* Work instruction *
Every entry must be repeated exactly in the answer.

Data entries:
***

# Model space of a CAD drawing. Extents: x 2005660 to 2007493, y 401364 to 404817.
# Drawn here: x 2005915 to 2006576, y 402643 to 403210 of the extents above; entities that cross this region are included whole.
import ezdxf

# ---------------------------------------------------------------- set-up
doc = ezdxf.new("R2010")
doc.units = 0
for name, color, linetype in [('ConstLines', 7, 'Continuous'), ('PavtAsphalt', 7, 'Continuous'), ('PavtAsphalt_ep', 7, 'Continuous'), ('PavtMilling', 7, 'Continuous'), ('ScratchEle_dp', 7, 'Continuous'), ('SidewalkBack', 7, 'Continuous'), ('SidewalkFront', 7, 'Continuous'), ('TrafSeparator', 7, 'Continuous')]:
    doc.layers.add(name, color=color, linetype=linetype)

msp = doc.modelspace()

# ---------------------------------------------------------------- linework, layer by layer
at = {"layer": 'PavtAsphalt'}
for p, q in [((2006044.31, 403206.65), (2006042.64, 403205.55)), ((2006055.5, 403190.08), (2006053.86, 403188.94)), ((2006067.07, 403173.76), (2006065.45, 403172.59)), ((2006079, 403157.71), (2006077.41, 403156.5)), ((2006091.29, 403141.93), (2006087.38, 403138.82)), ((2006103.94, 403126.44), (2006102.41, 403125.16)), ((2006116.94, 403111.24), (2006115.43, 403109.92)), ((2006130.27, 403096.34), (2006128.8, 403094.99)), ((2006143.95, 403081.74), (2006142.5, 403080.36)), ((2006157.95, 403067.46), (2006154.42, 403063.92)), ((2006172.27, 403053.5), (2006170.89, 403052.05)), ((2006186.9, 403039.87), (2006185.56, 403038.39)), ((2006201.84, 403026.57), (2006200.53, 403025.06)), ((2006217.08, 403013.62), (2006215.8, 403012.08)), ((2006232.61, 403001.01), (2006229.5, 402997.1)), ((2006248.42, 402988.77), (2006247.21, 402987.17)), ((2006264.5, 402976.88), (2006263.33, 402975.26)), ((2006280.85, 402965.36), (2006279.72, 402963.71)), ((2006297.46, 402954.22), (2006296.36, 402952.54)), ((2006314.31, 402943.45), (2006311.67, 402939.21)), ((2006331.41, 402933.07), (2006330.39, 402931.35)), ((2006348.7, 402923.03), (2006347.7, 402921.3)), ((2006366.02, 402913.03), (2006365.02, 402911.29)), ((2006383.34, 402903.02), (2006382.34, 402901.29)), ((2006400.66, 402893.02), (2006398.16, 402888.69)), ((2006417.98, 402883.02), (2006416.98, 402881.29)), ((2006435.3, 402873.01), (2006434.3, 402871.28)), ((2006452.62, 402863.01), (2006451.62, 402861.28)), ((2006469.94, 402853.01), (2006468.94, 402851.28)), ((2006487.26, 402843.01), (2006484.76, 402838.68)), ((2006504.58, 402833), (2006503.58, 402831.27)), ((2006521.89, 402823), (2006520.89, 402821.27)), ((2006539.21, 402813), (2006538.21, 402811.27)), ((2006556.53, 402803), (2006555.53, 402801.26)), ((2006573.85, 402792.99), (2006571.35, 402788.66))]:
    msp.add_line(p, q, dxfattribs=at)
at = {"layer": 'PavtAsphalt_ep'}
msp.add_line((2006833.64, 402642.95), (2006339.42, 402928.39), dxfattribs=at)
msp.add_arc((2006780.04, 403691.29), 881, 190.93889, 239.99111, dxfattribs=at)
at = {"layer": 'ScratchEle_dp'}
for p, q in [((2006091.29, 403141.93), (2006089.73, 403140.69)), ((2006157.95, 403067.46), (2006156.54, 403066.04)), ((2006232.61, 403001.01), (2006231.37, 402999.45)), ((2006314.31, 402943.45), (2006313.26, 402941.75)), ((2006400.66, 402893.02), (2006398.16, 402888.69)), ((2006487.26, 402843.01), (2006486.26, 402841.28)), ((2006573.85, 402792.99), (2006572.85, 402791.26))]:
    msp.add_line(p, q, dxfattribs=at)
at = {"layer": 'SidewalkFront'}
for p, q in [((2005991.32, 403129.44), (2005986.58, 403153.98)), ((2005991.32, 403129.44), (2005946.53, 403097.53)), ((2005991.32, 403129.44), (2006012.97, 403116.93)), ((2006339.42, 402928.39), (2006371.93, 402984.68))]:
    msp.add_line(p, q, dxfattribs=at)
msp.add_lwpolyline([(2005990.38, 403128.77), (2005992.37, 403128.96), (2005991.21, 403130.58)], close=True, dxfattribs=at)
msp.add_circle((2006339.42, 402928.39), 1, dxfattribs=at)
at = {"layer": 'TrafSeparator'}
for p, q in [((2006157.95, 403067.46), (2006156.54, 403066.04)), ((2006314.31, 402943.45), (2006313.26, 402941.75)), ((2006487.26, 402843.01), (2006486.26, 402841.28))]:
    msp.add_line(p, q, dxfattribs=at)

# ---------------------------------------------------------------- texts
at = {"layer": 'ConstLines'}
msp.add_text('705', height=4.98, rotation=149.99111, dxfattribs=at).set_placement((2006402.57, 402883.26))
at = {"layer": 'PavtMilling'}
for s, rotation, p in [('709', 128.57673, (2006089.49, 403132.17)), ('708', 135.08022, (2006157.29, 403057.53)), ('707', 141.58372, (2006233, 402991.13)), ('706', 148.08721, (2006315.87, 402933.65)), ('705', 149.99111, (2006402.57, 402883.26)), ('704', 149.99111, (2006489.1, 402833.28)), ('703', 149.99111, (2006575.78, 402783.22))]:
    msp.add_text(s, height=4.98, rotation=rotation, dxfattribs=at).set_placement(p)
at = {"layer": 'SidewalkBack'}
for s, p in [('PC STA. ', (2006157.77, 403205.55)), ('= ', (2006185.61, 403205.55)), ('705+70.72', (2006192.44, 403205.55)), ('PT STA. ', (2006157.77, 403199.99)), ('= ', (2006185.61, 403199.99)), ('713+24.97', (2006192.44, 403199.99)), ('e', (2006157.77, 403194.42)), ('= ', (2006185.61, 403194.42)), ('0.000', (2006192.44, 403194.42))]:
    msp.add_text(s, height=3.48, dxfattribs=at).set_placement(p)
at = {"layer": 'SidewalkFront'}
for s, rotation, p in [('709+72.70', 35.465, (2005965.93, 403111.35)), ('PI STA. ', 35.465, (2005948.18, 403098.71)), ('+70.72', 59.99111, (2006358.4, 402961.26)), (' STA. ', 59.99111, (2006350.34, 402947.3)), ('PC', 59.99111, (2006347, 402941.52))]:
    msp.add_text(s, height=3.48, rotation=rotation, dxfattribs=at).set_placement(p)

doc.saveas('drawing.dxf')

***

* Solved problem *
# Model space of a CAD drawing. Extents: x 2005660 to 2007493, y 401364 to 404817.
# Drawn here: x 2005915 to 2006576, y 402643 to 403210 of the extents above; entities that cross this region are included whole.
import ezdxf

# ---------------------------------------------------------------- set-up
doc = ezdxf.new("R2010")
doc.units = 0
for name, color, linetype in [('ConstLines', 7, 'Continuous'), ('PavtAsphalt', 7, 'Continuous'), ('PavtAsphalt_ep', 7, 'Continuous'), ('PavtMilling', 7, 'Continuous'), ('ScratchEle_dp', 7, 'Continuous'), ('SidewalkBack', 7, 'Continuous'), ('SidewalkFront', 7, 'Continuous'), ('TrafSeparator', 7, 'Continuous')]:
    doc.layers.add(name, color=color, linetype=linetype)

msp = doc.modelspace()

# ---------------------------------------------------------------- linework, layer by layer
at = {"layer": 'PavtAsphalt'}
for p, q in [((2006044.31, 403206.65), (2006042.64, 403205.55)), ((2006055.5, 403190.08), (2006053.86, 403188.94)), ((2006067.07, 403173.76), (2006065.45, 403172.59)), ((2006079, 403157.71), (2006077.41, 403156.5)), ((2006091.29, 403141.93), (2006087.38, 403138.82)), ((2006103.94, 403126.44), (2006102.41, 403125.16)), ((2006116.94, 403111.24), (2006115.43, 403109.92)), ((2006130.27, 403096.34), (2006128.8, 403094.99)), ((2006143.95, 403081.74), (2006142.5, 403080.36)), ((2006157.95, 403067.46), (2006154.42, 403063.92)), ((2006172.27, 403053.5), (2006170.89, 403052.05)), ((2006186.9, 403039.87), (2006185.56, 403038.39)), ((2006201.84, 403026.57), (2006200.53, 403025.06)), ((2006217.08, 403013.62), (2006215.8, 403012.08)), ((2006232.61, 403001.01), (2006229.5, 402997.1)), ((2006248.42, 402988.77), (2006247.21, 402987.17)), ((2006264.5, 402976.88), (2006263.33, 402975.26)), ((2006280.85, 402965.36), (2006279.72, 402963.71)), ((2006297.46, 402954.22), (2006296.36, 402952.54)), ((2006314.31, 402943.45), (2006311.67, 402939.21)), ((2006331.41, 402933.07), (2006330.39, 402931.35)), ((2006348.7, 402923.03), (2006347.7, 402921.3)), ((2006366.02, 402913.03), (2006365.02, 402911.29)), ((2006383.34, 402903.02), (2006382.34, 402901.29)), ((2006400.66, 402893.02), (2006398.16, 402888.69)), ((2006417.98, 402883.02), (2006416.98, 402881.29)), ((2006435.3, 402873.01), (2006434.3, 402871.28)), ((2006452.62, 402863.01), (2006451.62, 402861.28)), ((2006469.94, 402853.01), (2006468.94, 402851.28)), ((2006487.26, 402843.01), (2006484.76, 402838.68)), ((2006504.58, 402833), (2006503.58, 402831.27)), ((2006521.89, 402823), (2006520.89, 402821.27)), ((2006539.21, 402813), (2006538.21, 402811.27)), ((2006556.53, 402803), (2006555.53, 402801.26)), ((2006573.85, 402792.99), (2006571.35, 402788.66))]:
    msp.add_line(p, q, dxfattribs=at)
at = {"layer": 'PavtAsphalt_ep'}
msp.add_line((2006833.64, 402642.95), (2006339.42, 402928.39), dxfattribs=at)
msp.add_arc((2006780.04, 403691.29), 881, 190.93889, 239.99111, dxfattribs=at)
at = {"layer": 'ScratchEle_dp'}
for p, q in [((2006091.29, 403141.93), (2006089.73, 403140.69)), ((2006157.95, 403067.46), (2006156.54, 403066.04)), ((2006232.61, 403001.01), (2006231.37, 402999.45)), ((2006314.31, 402943.45), (2006313.26, 402941.75)), ((2006400.66, 402893.02), (2006398.16, 402888.69)), ((2006487.26, 402843.01), (2006486.26, 402841.28)), ((2006573.85, 402792.99), (2006572.85, 402791.26))]:
    msp.add_line(p, q, dxfattribs=at)
at = {"layer": 'SidewalkFront'}
for p, q in [((2005991.32, 403129.44), (2005986.58, 403153.98)), ((2005991.32, 403129.44), (2005946.53, 403097.53)), ((2005991.32, 403129.44), (2006012.97, 403116.93)), ((2006339.42, 402928.39), (2006371.93, 402984.68))]:
    msp.add_line(p, q, dxfattribs=at)
msp.add_lwpolyline([(2005990.38, 403128.77), (2005992.37, 403128.96), (2005991.21, 403130.58)], close=True, dxfattribs=at)
msp.add_circle((2006339.42, 402928.39), 1, dxfattribs=at)
at = {"layer": 'TrafSeparator'}
for p, q in [((2006157.95, 403067.46), (2006156.54, 403066.04)), ((2006314.31, 402943.45), (2006313.26, 402941.75)), ((2006487.26, 402843.01), (2006486.26, 402841.28))]:
    msp.add_line(p, q, dxfattribs=at)

# ---------------------------------------------------------------- texts
at = {"layer": 'ConstLines'}
msp.add_text('705', height=4.98, rotation=149.99111, dxfattribs=at).set_placement((2006402.57, 402883.26))
at = {"layer": 'PavtMilling'}
for s, rotation, p in [('709', 128.57673, (2006089.49, 403132.17)), ('708', 135.08022, (2006157.29, 403057.53)), ('707', 141.58372, (2006233, 402991.13)), ('706', 148.08721, (2006315.87, 402933.65)), ('705', 149.99111, (2006402.57, 402883.26)), ('704', 149.99111, (2006489.1, 402833.28)), ('703', 149.99111, (2006575.78, 402783.22))]:
    msp.add_text(s, height=4.98, rotation=rotation, dxfattribs=at).set_placement(p)
at = {"layer": 'SidewalkBack'}
for s, p in [('PC STA. ', (2006157.77, 403205.55)), ('= ', (2006185.61, 403205.55)), ('705+70.72', (2006192.44, 403205.55)), ('PT STA. ', (2006157.77, 403199.99)), ('= ', (2006185.61, 403199.99)), ('713+24.97', (2006192.44, 403199.99)), ('e', (2006157.77, 403194.42)), ('= ', (2006185.61, 403194.42)), ('0.000', (2006192.44, 403194.42))]:
    msp.add_text(s, height=3.48, dxfattribs=at).set_placement(p)
at = {"layer": 'SidewalkFront'}
for s, rotation, p in [('709+72.70', 35.465, (2005965.93, 403111.35)), ('PI STA. ', 35.465, (2005948.18, 403098.71)), ('+70.72', 59.99111, (2006358.4, 402961.26)), (' STA. ', 59.99111, (2006350.34, 402947.3)), ('PC', 59.99111, (2006347, 402941.52))]:
    msp.add_text(s, height=3.48, rotation=rotation, dxfattribs=at).set_placement(p)

doc.saveas('drawing.dxf')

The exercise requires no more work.